The Fed Chair admitted that high inflation is concerning and will likely last well into next year while still maintaining the word transitory.

“Inflation in the medium-term … is our job. The level of inflation that we have right now is not consistent with price stability,” he said. “For us, transitory has meant that it won’t leave behind permanent or persistently higher inflation … We acknowledge uncertainty around transitory.”

Powell also noted that the word “transitory” has attracted a lot of attention and could be distracting from the Fed’s overall message.

“We try to focus on what we can control. The focus of this meeting is on tapering and not raising rates. There’s still ground to cover to reach maximum employment,” he described. “Our baseline expectation is that supply shortages and elevated inflation will persist well into next year. As bottlenecks resolve … inflation should move down by the second or third quarter of next year.”

Powell sounded sympathetic when addressing concerns over rising prices, putting the blame on supply constraints. “We understand the difficulties high inflation poses. Our tools cannot ease supply constraints. We continue to believe our economy adjusts to supply-demand imbalances and inflation adjusts to 2%. But the timing is highly uncertain,” he said.

The Fed Chair is also not ruling out achieving full employment by the middle of next year, which could open the door to interest rate hikes.

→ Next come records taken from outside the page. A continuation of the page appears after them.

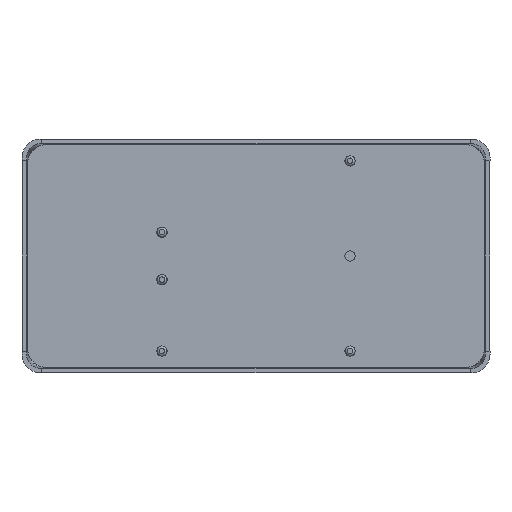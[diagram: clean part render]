
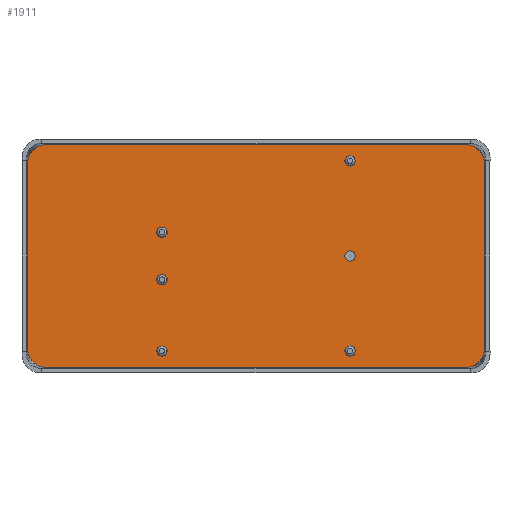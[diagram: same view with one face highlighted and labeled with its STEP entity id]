
A CAD part, top view. The second image highlights one B-rep face of the part: STEP entity #1911.
In plain terms, the highlighted planar face has unit normal (0, 0, 1).
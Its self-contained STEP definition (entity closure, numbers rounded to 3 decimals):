
#208=LINE($,#3537,#332);
#214=LINE($,#3569,#338);
#217=LINE($,#3577,#341);
#219=LINE($,#3601,#343);
#332=VECTOR($,#2607,44.8);
#338=VECTOR($,#2639,19.8);
#341=VECTOR($,#2648,44.8);
#343=VECTOR($,#2680,19.8);
#435=PLANE($,#2128);
#480=FACE_BOUND($,#754,.T.);
#481=FACE_BOUND($,#755,.T.);
#482=FACE_BOUND($,#756,.T.);
#483=FACE_BOUND($,#757,.T.);
#484=FACE_BOUND($,#758,.T.);
#485=FACE_BOUND($,#759,.T.);
#602=FACE_OUTER_BOUND($,#753,.T.);
#753=EDGE_LOOP($,(#1768,#1769,#1770,#1771,#1772,#1773,#1774,#1775));
#754=EDGE_LOOP($,(#1776));
#755=EDGE_LOOP($,(#1777));
#756=EDGE_LOOP($,(#1778));
#757=EDGE_LOOP($,(#1779));
#758=EDGE_LOOP($,(#1780));
#759=EDGE_LOOP($,(#1781));
#844=CIRCLE($,#2094,2.);
#855=CIRCLE($,#2108,2.);
#856=CIRCLE($,#2111,2.);
#857=CIRCLE($,#2114,2.);
#858=CIRCLE($,#2116,0.55);
#859=CIRCLE($,#2118,0.55);
#860=CIRCLE($,#2120,0.55);
#861=CIRCLE($,#2122,0.55);
#862=CIRCLE($,#2124,0.55);
#863=CIRCLE($,#2126,0.55);
#1014=VERTEX_POINT($,#3524);
#1015=VERTEX_POINT($,#3525);
#1019=VERTEX_POINT($,#3535);
#1031=VERTEX_POINT($,#3563);
#1032=VERTEX_POINT($,#3567);
#1033=VERTEX_POINT($,#3571);
#1034=VERTEX_POINT($,#3575);
#1035=VERTEX_POINT($,#3579);
#1036=VERTEX_POINT($,#3583);
#1037=VERTEX_POINT($,#3586);
#1038=VERTEX_POINT($,#3589);
#1039=VERTEX_POINT($,#3592);
#1040=VERTEX_POINT($,#3595);
#1041=VERTEX_POINT($,#3598);
#1256=EDGE_CURVE($,#1014,#1015,#844,.T.);
#1262=EDGE_CURVE($,#1019,#1014,#208,.T.);
#1275=EDGE_CURVE($,#1031,#1019,#855,.T.);
#1278=EDGE_CURVE($,#1032,#1031,#214,.T.);
#1279=EDGE_CURVE($,#1033,#1032,#856,.T.);
#1282=EDGE_CURVE($,#1034,#1033,#217,.T.);
#1283=EDGE_CURVE($,#1035,#1034,#857,.T.);
#1285=EDGE_CURVE($,#1036,#1036,#858,.T.);
#1286=EDGE_CURVE($,#1037,#1037,#859,.T.);
#1287=EDGE_CURVE($,#1038,#1038,#860,.T.);
#1288=EDGE_CURVE($,#1039,#1039,#861,.T.);
#1289=EDGE_CURVE($,#1040,#1040,#862,.T.);
#1290=EDGE_CURVE($,#1041,#1041,#863,.T.);
#1291=EDGE_CURVE($,#1015,#1035,#219,.T.);
#1768=ORIENTED_EDGE($,*,*,#1256,.F.);
#1769=ORIENTED_EDGE($,*,*,#1262,.F.);
#1770=ORIENTED_EDGE($,*,*,#1275,.F.);
#1771=ORIENTED_EDGE($,*,*,#1278,.F.);
#1772=ORIENTED_EDGE($,*,*,#1279,.F.);
#1773=ORIENTED_EDGE($,*,*,#1282,.F.);
#1774=ORIENTED_EDGE($,*,*,#1283,.F.);
#1775=ORIENTED_EDGE($,*,*,#1291,.F.);
#1776=ORIENTED_EDGE($,*,*,#1285,.T.);
#1777=ORIENTED_EDGE($,*,*,#1286,.T.);
#1778=ORIENTED_EDGE($,*,*,#1287,.T.);
#1779=ORIENTED_EDGE($,*,*,#1288,.T.);
#1780=ORIENTED_EDGE($,*,*,#1289,.T.);
#1781=ORIENTED_EDGE($,*,*,#1290,.T.);
#1911=ADVANCED_FACE($,(#602,#480,#481,#482,#483,#484,#485),#435,.T.);
#2094=AXIS2_PLACEMENT_3D($,#3526,#2597,#2598);
#2108=AXIS2_PLACEMENT_3D($,#3564,#2633,#2634);
#2111=AXIS2_PLACEMENT_3D($,#3572,#2642,#2643);
#2114=AXIS2_PLACEMENT_3D($,#3580,#2651,#2652);
#2116=AXIS2_PLACEMENT_3D($,#3584,#2656,#2657);
#2118=AXIS2_PLACEMENT_3D($,#3587,#2660,#2661);
#2120=AXIS2_PLACEMENT_3D($,#3590,#2664,#2665);
#2122=AXIS2_PLACEMENT_3D($,#3593,#2668,#2669);
#2124=AXIS2_PLACEMENT_3D($,#3596,#2672,#2673);
#2126=AXIS2_PLACEMENT_3D($,#3599,#2676,#2677);
#2128=AXIS2_PLACEMENT_3D($,#3602,#2681,#2682);
#2597=DIRECTION('center_axis',(0.,0.,-1.));
#2598=DIRECTION('ref_axis',(0.707,0.707,0.));
#2607=DIRECTION($,(1.,0.,0.));
#2633=DIRECTION('center_axis',(0.,0.,-1.));
#2634=DIRECTION('ref_axis',(-0.707,0.707,0.));
#2639=DIRECTION($,(0.,1.,0.));
#2642=DIRECTION('center_axis',(0.,0.,-1.));
#2643=DIRECTION('ref_axis',(-0.707,-0.707,0.));
#2648=DIRECTION($,(-1.,0.,0.));
#2651=DIRECTION('center_axis',(0.,0.,-1.));
#2652=DIRECTION('ref_axis',(0.707,-0.707,0.));
#2656=DIRECTION('center_axis',(0.,0.,-1.));
#2657=DIRECTION('ref_axis',(1.,0.,0.));
#2660=DIRECTION('center_axis',(0.,0.,-1.));
#2661=DIRECTION('ref_axis',(1.,0.,0.));
#2664=DIRECTION('center_axis',(0.,0.,-1.));
#2665=DIRECTION('ref_axis',(1.,0.,0.));
#2668=DIRECTION('center_axis',(0.,0.,-1.));
#2669=DIRECTION('ref_axis',(1.,0.,0.));
#2672=DIRECTION('center_axis',(0.,0.,-1.));
#2673=DIRECTION('ref_axis',(1.,0.,0.));
#2676=DIRECTION('center_axis',(0.,0.,-1.));
#2677=DIRECTION('ref_axis',(1.,0.,0.));
#2680=DIRECTION($,(0.,-1.,0.));
#2681=DIRECTION('center_axis',(0.,0.,1.));
#2682=DIRECTION('ref_axis',(1.,0.,0.));
#3524=CARTESIAN_POINT('',(46.8,23.8,0.6));
#3525=CARTESIAN_POINT('',(48.8,21.8,0.6));
#3526=CARTESIAN_POINT('Origin',(46.8,21.8,0.6));
#3535=CARTESIAN_POINT('',(2.,23.8,0.6));
#3537=CARTESIAN_POINT($,(48.8,23.8,0.6));
#3563=CARTESIAN_POINT('',(0.,21.8,0.6));
#3564=CARTESIAN_POINT('Origin',(2.,21.8,0.6));
#3567=CARTESIAN_POINT('',(0.,2.,0.6));
#3569=CARTESIAN_POINT($,(0.,23.8,0.6));
#3571=CARTESIAN_POINT('',(2.,0.,0.6));
#3572=CARTESIAN_POINT('Origin',(2.,2.,0.6));
#3575=CARTESIAN_POINT('',(46.8,0.,0.6));
#3577=CARTESIAN_POINT($,(0.,0.,0.6));
#3579=CARTESIAN_POINT('',(48.8,2.,0.6));
#3580=CARTESIAN_POINT('Origin',(46.8,2.,0.6));
#3583=CARTESIAN_POINT('',(35.,1.74,0.6));
#3584=CARTESIAN_POINT('Origin',(34.45,1.74,0.6));
#3586=CARTESIAN_POINT('',(35.,11.9,0.6));
#3587=CARTESIAN_POINT('Origin',(34.45,11.9,0.6));
#3589=CARTESIAN_POINT('',(35.,22.06,0.6));
#3590=CARTESIAN_POINT('Origin',(34.45,22.06,0.6));
#3592=CARTESIAN_POINT('',(14.9,1.74,0.6));
#3593=CARTESIAN_POINT('Origin',(14.35,1.74,0.6));
#3595=CARTESIAN_POINT('',(14.9,9.36,0.6));
#3596=CARTESIAN_POINT('Origin',(14.35,9.36,0.6));
#3598=CARTESIAN_POINT('',(14.9,14.44,0.6));
#3599=CARTESIAN_POINT('Origin',(14.35,14.44,0.6));
#3601=CARTESIAN_POINT($,(48.8,0.,0.6));
#3602=CARTESIAN_POINT('Origin',(24.4,11.9,0.6));

Earlier on Wednesday, the Fed announced that it would start to wind down its monthly asset purchases in November at a pace of $15 billion per month, citing substantial further progress made.

“The Committee decided to begin reducing the monthly pace of its net asset purchases by $10 billion for Treasury securities and $5 billion for agency mortgage-backed securities,” the Fed’s statement said. “Beginning later this month, the Committee will increase its holdings of Treasury securities by at least $70 billion per month and of agency mortgage backed securities by at least $35 billion per month. Beginning in December, the Committee will increase its holdings of Treasury securities by at least $60 billion per month and of agency mortgage-backed securities by at least $30 billion per month.”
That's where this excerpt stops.